Abortion is one of the most common surgical procedures sought by women in America. In fact, by the age of forty-five, approximately one in three women in this country will have had an abortion. Women seek abortions for many reasons: some choose to terminate unwanted pregnancies, while other women with wanted pregnancies ultimately seek abortions to protect their own health, to allow them to seek critical and sometimes life-saving medical treatment such as chemotherapy, or because of a serious fetal anomaly.

However, as the Council recognizes in Resolution 1635A, those who oppose abortion have spent the last 40 years trying to prevent women from exercising their constitutional rights. Stymied by the fact that the United States Constitution protects women’s ability to make their own reproductive decisions, opponents of abortion rights have increasingly used laws and regulations designed to make abortion inaccessible and unaffordable.

Although anti-abortion lawmakers allege that abortion restrictions improve women’s health, the reality is that many of the restrictions create unnecessary and in some cases harmful barriers to accessing an incredibly safe medical procedure. One of the most insidious examples of this type of legislation is the prohibition of both public and private insurance for this essential reproductive health service. Unfortunately, since 1976, the federal government has adopted the Hyde Amendment and related legislation that prevents many of the most marginalized women from accessing coverage for abortion.

Resolution 1635A recognizes that women need access to a full range of reproductive health care and health coverage for that care, whether through public or private insurance. Bans on insurance coverage for abortion, including the Hyde Amendment, are harmful, unfair, and disrespectful of women’s autonomy—the heavy hand of the government used to coerce women’s decision-making by withholding coverage that should be available. But the fact is that we don’t always know a woman’s circumstances—we’re not in her shoes. Decisions about whether to choose adoption, end a pregnancy, or raise a child are best left to a woman and her family. Insurance coverage should provide a full range of legal medical procedures, including abortion, so a woman can make the best decision for her circumstances.

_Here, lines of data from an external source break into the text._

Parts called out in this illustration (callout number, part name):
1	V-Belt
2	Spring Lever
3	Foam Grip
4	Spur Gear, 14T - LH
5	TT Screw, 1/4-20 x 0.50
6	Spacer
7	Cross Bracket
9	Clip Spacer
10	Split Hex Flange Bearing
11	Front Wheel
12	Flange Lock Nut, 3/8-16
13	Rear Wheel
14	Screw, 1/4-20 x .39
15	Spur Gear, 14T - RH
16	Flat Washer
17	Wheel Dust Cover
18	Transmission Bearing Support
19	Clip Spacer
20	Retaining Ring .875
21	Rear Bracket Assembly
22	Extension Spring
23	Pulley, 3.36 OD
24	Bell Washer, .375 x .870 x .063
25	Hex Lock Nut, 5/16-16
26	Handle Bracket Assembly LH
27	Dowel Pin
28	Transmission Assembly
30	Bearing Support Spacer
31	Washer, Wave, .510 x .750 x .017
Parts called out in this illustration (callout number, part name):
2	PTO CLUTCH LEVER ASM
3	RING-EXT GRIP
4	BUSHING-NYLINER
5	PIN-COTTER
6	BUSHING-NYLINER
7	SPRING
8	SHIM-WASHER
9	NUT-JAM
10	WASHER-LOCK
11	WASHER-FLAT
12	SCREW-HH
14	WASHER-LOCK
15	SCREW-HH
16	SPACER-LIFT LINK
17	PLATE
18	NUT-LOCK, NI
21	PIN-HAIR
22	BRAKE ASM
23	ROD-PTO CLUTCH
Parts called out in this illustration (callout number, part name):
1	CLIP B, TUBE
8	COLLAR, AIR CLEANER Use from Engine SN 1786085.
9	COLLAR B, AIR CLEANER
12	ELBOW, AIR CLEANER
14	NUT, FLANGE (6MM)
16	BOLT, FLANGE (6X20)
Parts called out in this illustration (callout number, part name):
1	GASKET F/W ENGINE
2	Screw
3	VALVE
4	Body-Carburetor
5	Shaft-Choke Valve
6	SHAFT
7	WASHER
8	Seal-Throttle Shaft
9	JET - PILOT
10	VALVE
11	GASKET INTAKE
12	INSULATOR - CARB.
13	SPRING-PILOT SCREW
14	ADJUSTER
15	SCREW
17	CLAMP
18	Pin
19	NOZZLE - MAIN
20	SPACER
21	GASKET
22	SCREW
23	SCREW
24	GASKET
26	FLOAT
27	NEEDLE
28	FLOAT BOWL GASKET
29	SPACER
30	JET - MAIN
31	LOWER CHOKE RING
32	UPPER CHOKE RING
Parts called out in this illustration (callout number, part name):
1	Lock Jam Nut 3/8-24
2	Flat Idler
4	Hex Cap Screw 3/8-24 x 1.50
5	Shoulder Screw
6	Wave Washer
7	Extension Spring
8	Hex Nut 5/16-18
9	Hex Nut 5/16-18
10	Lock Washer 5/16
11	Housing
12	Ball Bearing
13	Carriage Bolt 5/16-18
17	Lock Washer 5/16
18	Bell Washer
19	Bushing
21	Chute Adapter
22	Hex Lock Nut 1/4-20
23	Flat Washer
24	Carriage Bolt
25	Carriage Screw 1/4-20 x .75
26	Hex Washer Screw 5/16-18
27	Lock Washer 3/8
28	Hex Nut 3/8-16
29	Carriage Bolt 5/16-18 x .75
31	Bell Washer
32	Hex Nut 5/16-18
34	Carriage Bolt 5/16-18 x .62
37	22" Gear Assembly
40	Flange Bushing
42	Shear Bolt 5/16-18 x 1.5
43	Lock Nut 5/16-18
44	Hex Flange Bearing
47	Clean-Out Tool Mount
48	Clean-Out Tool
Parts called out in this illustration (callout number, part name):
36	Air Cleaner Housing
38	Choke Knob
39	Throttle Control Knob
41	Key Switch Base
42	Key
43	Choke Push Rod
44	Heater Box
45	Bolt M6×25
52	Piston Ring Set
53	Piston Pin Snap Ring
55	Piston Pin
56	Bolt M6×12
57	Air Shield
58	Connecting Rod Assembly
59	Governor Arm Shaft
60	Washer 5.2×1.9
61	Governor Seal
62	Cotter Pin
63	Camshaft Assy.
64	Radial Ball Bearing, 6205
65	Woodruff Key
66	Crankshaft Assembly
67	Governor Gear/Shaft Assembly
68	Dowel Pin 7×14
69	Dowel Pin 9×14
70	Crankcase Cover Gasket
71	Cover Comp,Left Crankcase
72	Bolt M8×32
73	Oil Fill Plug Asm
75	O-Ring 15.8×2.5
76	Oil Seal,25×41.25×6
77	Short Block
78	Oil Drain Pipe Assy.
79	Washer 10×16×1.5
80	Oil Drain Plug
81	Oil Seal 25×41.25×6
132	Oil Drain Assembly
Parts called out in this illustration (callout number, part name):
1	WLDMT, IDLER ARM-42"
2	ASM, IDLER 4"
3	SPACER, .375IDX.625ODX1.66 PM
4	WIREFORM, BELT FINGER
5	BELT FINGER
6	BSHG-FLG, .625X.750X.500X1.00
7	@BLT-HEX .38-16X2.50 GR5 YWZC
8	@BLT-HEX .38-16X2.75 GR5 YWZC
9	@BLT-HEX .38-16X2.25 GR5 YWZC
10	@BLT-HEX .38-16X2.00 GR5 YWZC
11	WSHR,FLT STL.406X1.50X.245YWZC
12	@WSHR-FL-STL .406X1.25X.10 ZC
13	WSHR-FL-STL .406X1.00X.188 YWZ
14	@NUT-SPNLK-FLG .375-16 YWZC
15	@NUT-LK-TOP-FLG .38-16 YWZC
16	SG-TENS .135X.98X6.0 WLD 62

When a woman cannot afford to end a pregnancy when she needs to, the impact on her and her family can be far-reaching. She may put off getting medical care, or shut off her own heat or telephone or take another job just to be able to pay for the medical care she needs. Several years ago, the Center for Reproductive Rights engaged in a fact-finding project in the United States to determine some of the impacts of the Hyde Amendment. We documented stories from women who had gone without food for themselves and their children in order to find the money to pay for an abortion; a story of another woman and her husband who pawned almost everything they owned and still came up short; and other women who worked around the clock to try to save up the money for an abortion. These stories prove the larger point—that this is critical healthcare sought by women who far too often are being forced to make difficult, sometimes untenable, trade-offs in order to access the care they need.

As the Council sponsors have recognized in Resolution 1635A, each woman should have coverage for the full range of reproductive health care, regardless of how her insurance is paid for, to ensure that she has the means to access safe medical care from a trained provider.

For twenty years, the Center for Reproductive Rights has been litigating in courts and engaging in legislative and other advocacy efforts across the country to ensure that the protections of the United States Constitution as recognized in Roe and Casey continue to be available to women.  We have litigated in federal and state courts, challenging laws infringing on women’s rights to privacy and equality, and on physician’s rights as well.  On the 40th anniversary of Roe, we are thrilled to have this opportunity to urge the Council to adopt Resolution 1635A and to stand with us and so many others in our commitment to protecting and advancing women’s reproductive freedom.